I am working with non model organism: in that case is it best to do
these analyses by matching the geneID/name of my organism to orthlog
geneID/name of a model organism? This may or maynot be a good idea
because certain pathways between organisms might be different, but
what is any proposed solution.
If you use an enrichment tool like DAVID, your species of interest is most likely included in this and, in addition, with DAVID, you can do enrichment on both GO and KEGG (and other databases) at the same time. On DAVID's main page, go to Functional Annotation and there you'll see a text box where you can input your genes.
My advice to you is to do the enrichment but to be cautious about the interpretation of the results. It is quite easy to 'cherry pick' the enrichment terms that you want to see, i.e., those that fit your hypothesis(es). If you get lucky and everything comes up for which you had hoped, I would still exercise caution. Don't get too excited by gene enrichment.
In terms of filtering enriched terms, if you use DAVID, you can filter enrichment terms based on a Benjamini P value. In terms of displaying gene enrichments, I would recommend simple displays like these:
I think Kevin is giving you great advice here!
I would add that the underlying assumption in any pathway enrichment analysis is that the genes in the pathway are assumed to be independent variables. In other words, enrichment analysis essentially only "counts" the number of DEGs on a any given pathway.
Depending on your experimental design, this may be an appropriate approach, but in my experience, people are usually looking for a more comprehensive analysis approach but are unaware of one.
You might consider using SPIA (Signaling Pathway Impact Analysis) if you want to use an R/bioconductor-based approach or possible RontoTools. These approaches use a topolgy-based approach which looks at each DEGs' role, position, and interaction to identify perturbed pathways rather than simply enriched.
If you want to use a web-based version of these tools (without any command-line use) you can try it for free in iPathwayGuide from Advaita Bioinformatics.

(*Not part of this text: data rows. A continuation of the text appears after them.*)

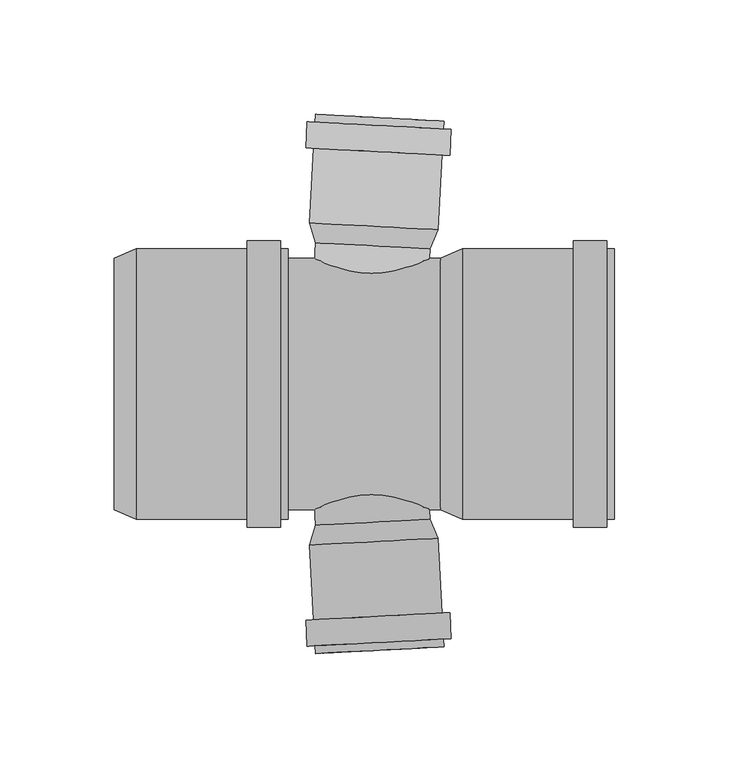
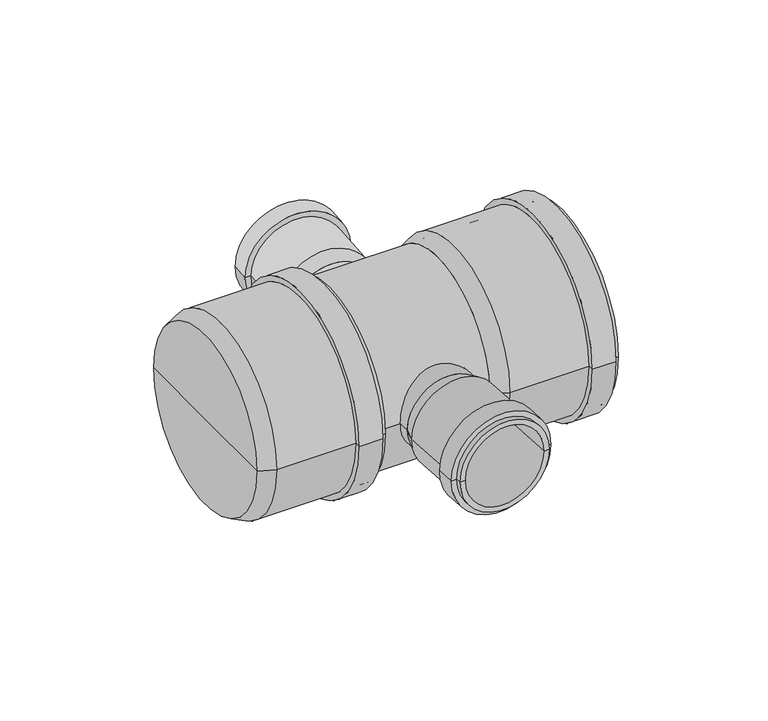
"""IFC4 building model written with IfcOpenShell, lengths in millimetres: pipe fitting geometry, pf_HTDA : pf_HTDA."""

from ifc_helpers import new_model, si_unit, point, frame, origin, origin_2d, place, context, project, spatial, polyline, circle_curve, trimmed, segment, composite_curve, outline, extrude, source, transform, mapped, element, save
from ifc_brep_helpers import plane_surface, cylinder_surface, revolved_surface, advanced_brep


def pipe_fitting_f0e1eda1(model_context):
    return source(origin(), model_context, "Body", "SolidModel", [
        advanced_brep(
        [(28.1320637, 59.1086879, 0.0), (-21.799413, 61.7254858, 0.0), (-24.4503089, 70.3760783, 0.0), (31.6726709, 67.4347975, 0.0), (3.1663254, 60.4170869, 0.0), (34.1586288, 114.8697004, 0.0), (-21.964351, 117.8109812, 0.0), (-18.8685995, 117.6487397, 0.0), (31.0628773, 115.0319419, 0.0), (33.9806866, 111.47436, 0.0), (-22.1422933, 114.4156408, 0.0), (37.376027, 111.2964178, 0.0), (-25.5376337, 114.593583, 0.0), (36.7793971, 99.9120411, 0.0), (-26.1342636, 103.2092063, 0.0), (33.3840567, 100.0899833, 0.0), (-22.7389232, 103.0312641, 0.0), (28.5769193, 67.597039, 0.0), (-21.3545574, 70.2138368, 0.0), (3.611181, 68.9054379, 0.0)],
        [
            (0, 1, circle_curve(frame((3.1663254, 60.4170869, 0.0), z_axis=(0.05233595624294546, 0.9986295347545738, 0.0), x_axis=(-0.9986295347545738, 0.05233595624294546, 0.0)), 25.0)),
            (1, 2),
            (2, 3, circle_curve(frame((3.611181, 68.9054379, 0.0), z_axis=(-0.05233595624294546, -0.9986295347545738, 0.0), x_axis=(-0.9986295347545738, 0.05233595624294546, 0.0)), 28.1)),
            (3, 0),
            (1, 0, circle_curve(frame((3.1663254, 60.4170869, 0.0), z_axis=(0.05233595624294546, 0.9986295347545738, 0.0), x_axis=(-0.9986295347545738, 0.05233595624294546, 0.0)), 25.0)),
            (3, 2, circle_curve(frame((3.611181, 68.9054379, 0.0), z_axis=(-0.05233595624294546, -0.9986295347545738, 0.0), x_axis=(-0.9986295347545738, 0.05233595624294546, 0.0)), 28.1)),
            (4, 1),
            (0, 4),
            (5, 6, circle_curve(frame((6.0971389, 116.3403408, 0.0), z_axis=(0.05233595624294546, 0.9986295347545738, 0.0), x_axis=(-0.9986295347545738, 0.05233595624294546, 0.0)), 28.1)),
            (6, 7),
            (7, 8, circle_curve(frame((6.0971389, 116.3403408, 0.0), z_axis=(-0.05233595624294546, -0.9986295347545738, 0.0), x_axis=(-0.9986295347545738, 0.05233595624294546, 0.0)), 25.0)),
            (8, 5),
            (6, 5, circle_curve(frame((6.0971389, 116.3403408, 0.0), z_axis=(0.05233595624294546, 0.9986295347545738, 0.0), x_axis=(-0.9986295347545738, 0.05233595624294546, 0.0)), 28.1)),
            (8, 7, circle_curve(frame((6.0971389, 116.3403408, 0.0), z_axis=(-0.05233595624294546, -0.9986295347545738, 0.0), x_axis=(-0.9986295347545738, 0.05233595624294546, 0.0)), 25.0)),
            (9, 10, circle_curve(frame((5.9191967, 112.9450004, 0.0), z_axis=(0.05233595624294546, 0.9986295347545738, 0.0), x_axis=(-0.9986295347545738, 0.05233595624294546, 0.0)), 28.1)),
            (10, 6),
            (5, 9),
            (10, 9, circle_curve(frame((5.9191967, 112.9450004, 0.0), z_axis=(0.05233595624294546, 0.9986295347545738, 0.0), x_axis=(-0.9986295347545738, 0.05233595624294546, 0.0)), 28.1)),
            (11, 12, circle_curve(frame((5.9191967, 112.9450004, 0.0), z_axis=(0.05233595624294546, 0.9986295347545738, 0.0), x_axis=(-0.9986295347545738, 0.05233595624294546, 0.0)), 31.5)),
            (12, 10),
            (9, 11),
            (12, 11, circle_curve(frame((5.9191967, 112.9450004, 0.0), z_axis=(0.05233595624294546, 0.9986295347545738, 0.0), x_axis=(-0.9986295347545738, 0.05233595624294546, 0.0)), 31.5)),
            (13, 14, circle_curve(frame((5.3225667, 101.5606237, 0.0), z_axis=(0.05233595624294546, 0.9986295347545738, 0.0), x_axis=(-0.9986295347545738, 0.05233595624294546, 0.0)), 31.5)),
            (14, 12),
            (11, 13),
            (14, 13, circle_curve(frame((5.3225667, 101.5606237, 0.0), z_axis=(0.05233595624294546, 0.9986295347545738, 0.0), x_axis=(-0.9986295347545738, 0.05233595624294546, 0.0)), 31.5)),
            (15, 16, circle_curve(frame((5.3225667, 101.5606237, 0.0), z_axis=(0.05233595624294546, 0.9986295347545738, 0.0), x_axis=(-0.9986295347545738, 0.05233595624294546, 0.0)), 28.1)),
            (16, 14),
            (13, 15),
            (16, 15, circle_curve(frame((5.3225667, 101.5606237, 0.0), z_axis=(0.05233595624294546, 0.9986295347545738, 0.0), x_axis=(-0.9986295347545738, 0.05233595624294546, 0.0)), 28.1)),
            (2, 16),
            (15, 3),
            (17, 18, circle_curve(frame((3.611181, 68.9054379, 0.0), z_axis=(0.05233595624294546, 0.9986295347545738, 0.0), x_axis=(-0.9986295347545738, 0.05233595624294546, 0.0)), 25.0)),
            (18, 19),
            (19, 17),
            (18, 17, circle_curve(frame((3.611181, 68.9054379, 0.0), z_axis=(0.05233595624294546, 0.9986295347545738, 0.0), x_axis=(-0.9986295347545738, 0.05233595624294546, 0.0)), 25.0)),
            (7, 18),
            (17, 8),
        ],
        [
            revolved_surface(polyline([(-24.4503089, 70.3760783, 0.0), (-21.799413, 61.7254858, 0.0)]), (3.1663254, 60.4170869, 0.0), (-0.05233595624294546, -0.9986295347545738, 0.0)),
            plane_surface(frame((3.1663254, 60.4170869, 0.0), z_axis=(-0.05233595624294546, -0.9986295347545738, 0.0), x_axis=(-0.9986295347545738, 0.05233595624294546, 0.0))),
            plane_surface(frame((6.0971389, 116.3403408, 0.0), z_axis=(0.05233595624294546, 0.9986295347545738, 0.0), x_axis=(-0.9986295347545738, 0.05233595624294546, 0.0))),
            cylinder_surface(frame((3.1663254, 60.4170869, 0.0), z_axis=(-0.05233595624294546, -0.9986295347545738, 0.0), x_axis=(-0.9986295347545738, 0.05233595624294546, 0.0)), 28.1),
            plane_surface(frame((5.9191967, 112.9450004, 0.0), z_axis=(0.05233595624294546, 0.9986295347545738, 0.0), x_axis=(-0.9986295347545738, 0.05233595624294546, 0.0))),
            cylinder_surface(frame((3.1663254, 60.4170869, 0.0), z_axis=(-0.05233595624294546, -0.9986295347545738, 0.0), x_axis=(-0.9986295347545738, 0.05233595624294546, 0.0)), 31.5),
            plane_surface(frame((5.3225667, 101.5606237, 0.0), z_axis=(-0.05233595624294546, -0.9986295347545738, 0.0), x_axis=(-0.9986295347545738, 0.05233595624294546, 0.0))),
            plane_surface(frame((3.611181, 68.9054379, 0.0), z_axis=(0.05233595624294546, 0.9986295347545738, 0.0), x_axis=(-0.9986295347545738, 0.05233595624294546, 0.0))),
            revolved_surface(polyline([(-21.35455734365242, 70.21383679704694, 0.0), (-18.868599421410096, 117.64873971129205, 0.0)]), (3.1663254, 60.4170869, 0.0), (-0.05233595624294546, -0.9986295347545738, 0.0)),
        ],
        [
            (0, [[1, 2, 3, 4]]),
            (0, [[5, -4, 6, -2]]),
            (1, [[7, -1, 8]]),
            (1, [[-8, -5, -7]]),
            (2, [[9, 10, 11, 12]]),
            (2, [[13, -12, 14, -10]]),
            (3, [[15, 16, -9, 17]]),
            (3, [[18, -17, -13, -16]]),
            (4, [[19, 20, -15, 21]]),
            (4, [[22, -21, -18, -20]]),
            (5, [[23, 24, -19, 25]]),
            (5, [[26, -25, -22, -24]]),
            (6, [[27, 28, -23, 29]]),
            (6, [[30, -29, -26, -28]]),
            (3, [[-3, 31, -27, 32]]),
            (3, [[-6, -32, -30, -31]]),
            (7, [[33, 34, 35]]),
            (7, [[36, -35, -34]]),
            (8, [[-11, 37, -33, 38]]),
            (8, [[-14, -38, -36, -37]]),
        ],
    ),
        advanced_brep(
        [(-21.799413, -61.7254858, 0.0), (28.1320637, -59.1086879, 0.0), (31.6726709, -67.4347975, 0.0), (-24.4503089, -70.3760783, 0.0), (3.1663254, -60.4170869, 0.0), (-21.964351, -117.8109812, 0.0), (34.1586288, -114.8697004, 0.0), (31.0628773, -115.0319419, 0.0), (-18.8685995, -117.6487397, 0.0), (-22.1422933, -114.4156408, 0.0), (33.9806866, -111.47436, 0.0), (-25.5376337, -114.593583, 0.0), (37.376027, -111.2964178, 0.0), (-26.1342636, -103.2092063, 0.0), (36.7793971, -99.9120411, 0.0), (-22.7389232, -103.0312641, 0.0), (33.3840567, -100.0899833, 0.0), (-21.3545574, -70.2138368, 0.0), (28.5769193, -67.597039, 0.0), (3.611181, -68.9054379, 0.0)],
        [
            (0, 1, circle_curve(frame((3.1663254, -60.4170869, 0.0), z_axis=(0.05233595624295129, -0.9986295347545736, 0.0), x_axis=(0.9986295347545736, 0.05233595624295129, 0.0)), 25.0)),
            (1, 2),
            (2, 3, circle_curve(frame((3.611181, -68.9054379, 0.0), z_axis=(-0.05233595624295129, 0.9986295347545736, 0.0), x_axis=(0.9986295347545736, 0.05233595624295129, 0.0)), 28.1)),
            (3, 0),
            (1, 0, circle_curve(frame((3.1663254, -60.4170869, 0.0), z_axis=(0.05233595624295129, -0.9986295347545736, 0.0), x_axis=(0.9986295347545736, 0.05233595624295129, 0.0)), 25.0)),
            (3, 2, circle_curve(frame((3.611181, -68.9054379, 0.0), z_axis=(-0.05233595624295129, 0.9986295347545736, 0.0), x_axis=(0.9986295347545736, 0.05233595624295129, 0.0)), 28.1)),
            (4, 1),
            (0, 4),
            (5, 6, circle_curve(frame((6.0971389, -116.3403408, 0.0), z_axis=(0.05233595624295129, -0.9986295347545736, 0.0), x_axis=(0.9986295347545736, 0.05233595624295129, 0.0)), 28.1)),
            (6, 7),
            (7, 8, circle_curve(frame((6.0971389, -116.3403408, 0.0), z_axis=(-0.05233595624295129, 0.9986295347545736, 0.0), x_axis=(0.9986295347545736, 0.05233595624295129, 0.0)), 25.0)),
            (8, 5),
            (6, 5, circle_curve(frame((6.0971389, -116.3403408, 0.0), z_axis=(0.05233595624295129, -0.9986295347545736, 0.0), x_axis=(0.9986295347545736, 0.05233595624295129, 0.0)), 28.1)),
            (8, 7, circle_curve(frame((6.0971389, -116.3403408, 0.0), z_axis=(-0.05233595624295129, 0.9986295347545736, 0.0), x_axis=(0.9986295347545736, 0.05233595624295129, 0.0)), 25.0)),
            (9, 10, circle_curve(frame((5.9191967, -112.9450004, 0.0), z_axis=(0.05233595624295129, -0.9986295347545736, 0.0), x_axis=(0.9986295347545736, 0.05233595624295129, 0.0)), 28.1)),
            (10, 6),
            (5, 9),
            (10, 9, circle_curve(frame((5.9191967, -112.9450004, 0.0), z_axis=(0.05233595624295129, -0.9986295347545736, 0.0), x_axis=(0.9986295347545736, 0.05233595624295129, 0.0)), 28.1)),
            (11, 12, circle_curve(frame((5.9191967, -112.9450004, 0.0), z_axis=(0.05233595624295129, -0.9986295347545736, 0.0), x_axis=(0.9986295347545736, 0.05233595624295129, 0.0)), 31.5)),
            (12, 10),
            (9, 11),
            (12, 11, circle_curve(frame((5.9191967, -112.9450004, 0.0), z_axis=(0.05233595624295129, -0.9986295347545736, 0.0), x_axis=(0.9986295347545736, 0.05233595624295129, 0.0)), 31.5)),
            (13, 14, circle_curve(frame((5.3225667, -101.5606237, 0.0), z_axis=(0.05233595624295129, -0.9986295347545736, 0.0), x_axis=(0.9986295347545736, 0.05233595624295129, 0.0)), 31.5)),
            (14, 12),
            (11, 13),
            (14, 13, circle_curve(frame((5.3225667, -101.5606237, 0.0), z_axis=(0.05233595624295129, -0.9986295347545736, 0.0), x_axis=(0.9986295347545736, 0.05233595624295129, 0.0)), 31.5)),
            (15, 16, circle_curve(frame((5.3225667, -101.5606237, 0.0), z_axis=(0.05233595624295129, -0.9986295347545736, 0.0), x_axis=(0.9986295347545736, 0.05233595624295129, 0.0)), 28.1)),
            (16, 14),
            (13, 15),
            (16, 15, circle_curve(frame((5.3225667, -101.5606237, 0.0), z_axis=(0.05233595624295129, -0.9986295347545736, 0.0), x_axis=(0.9986295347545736, 0.05233595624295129, 0.0)), 28.1)),
            (2, 16),
            (15, 3),
            (17, 18, circle_curve(frame((3.611181, -68.9054379, 0.0), z_axis=(0.05233595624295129, -0.9986295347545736, 0.0), x_axis=(0.9986295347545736, 0.05233595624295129, 0.0)), 25.0)),
            (18, 19),
            (19, 17),
            (18, 17, circle_curve(frame((3.611181, -68.9054379, 0.0), z_axis=(0.05233595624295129, -0.9986295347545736, 0.0), x_axis=(0.9986295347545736, 0.05233595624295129, 0.0)), 25.0)),
            (7, 18),
            (17, 8),
        ],
        [
            revolved_surface(polyline([(31.6726709, -67.4347975, 0.0), (28.1320637, -59.1086879, 0.0)]), (3.1663254, -60.4170869, 0.0), (-0.05233595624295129, 0.9986295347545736, 0.0)),
            plane_surface(frame((3.1663254, -60.4170869, 0.0), z_axis=(-0.05233595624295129, 0.9986295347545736, 0.0), x_axis=(0.9986295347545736, 0.05233595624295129, 0.0))),
            plane_surface(frame((6.0971389, -116.3403408, 0.0), z_axis=(0.05233595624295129, -0.9986295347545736, 0.0), x_axis=(0.9986295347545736, 0.05233595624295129, 0.0))),
            cylinder_surface(frame((3.1663254, -60.4170869, 0.0), z_axis=(-0.05233595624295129, 0.9986295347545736, 0.0), x_axis=(0.9986295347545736, 0.05233595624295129, 0.0)), 28.1),
            plane_surface(frame((5.9191967, -112.9450004, 0.0), z_axis=(0.05233595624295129, -0.9986295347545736, 0.0), x_axis=(0.9986295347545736, 0.05233595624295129, 0.0))),
            cylinder_surface(frame((3.1663254, -60.4170869, 0.0), z_axis=(-0.05233595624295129, 0.9986295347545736, 0.0), x_axis=(0.9986295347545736, 0.05233595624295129, 0.0)), 31.5),
            plane_surface(frame((5.3225667, -101.5606237, 0.0), z_axis=(-0.05233595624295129, 0.9986295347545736, 0.0), x_axis=(0.9986295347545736, 0.05233595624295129, 0.0))),
            plane_surface(frame((3.611181, -68.9054379, 0.0), z_axis=(0.05233595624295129, -0.9986295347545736, 0.0), x_axis=(0.9986295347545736, 0.05233595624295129, 0.0))),
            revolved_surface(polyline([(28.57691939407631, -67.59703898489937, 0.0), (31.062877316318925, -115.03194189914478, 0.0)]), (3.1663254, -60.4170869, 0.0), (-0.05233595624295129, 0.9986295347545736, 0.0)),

That is a very good point, andrew
Thank you so much Kevin for highlighting your points in such a comprehensive manner. It has cleared my doubts a lot. If I may have more questions, I will let you know.
Hi Kevin, Can you tell me what tool was used to generate these plots and link to this plot, so I can check some description.
Thanks,
Hi friend, the top plot is just an Enhanced OncoPrint, made using the complexheatmap package. The plot on the left is mutation data, whilst on the right it's gene enrichment based on the genes in which the mutations are found.
The bottom plot is my own but based on the functions provided by complexheatmap. It's essentially the same enrichment plot on the top-right, but I've added a lot of annotation and have split the heatmap based on up- and down-regulated genes.
I would encourage you to devote a single day to learning complexheatmap, as you will never then go back to using the other heatmap functions. It is highly flexible and the possibilities are endless. If you run into difficulty, post a question here and I should pick it up.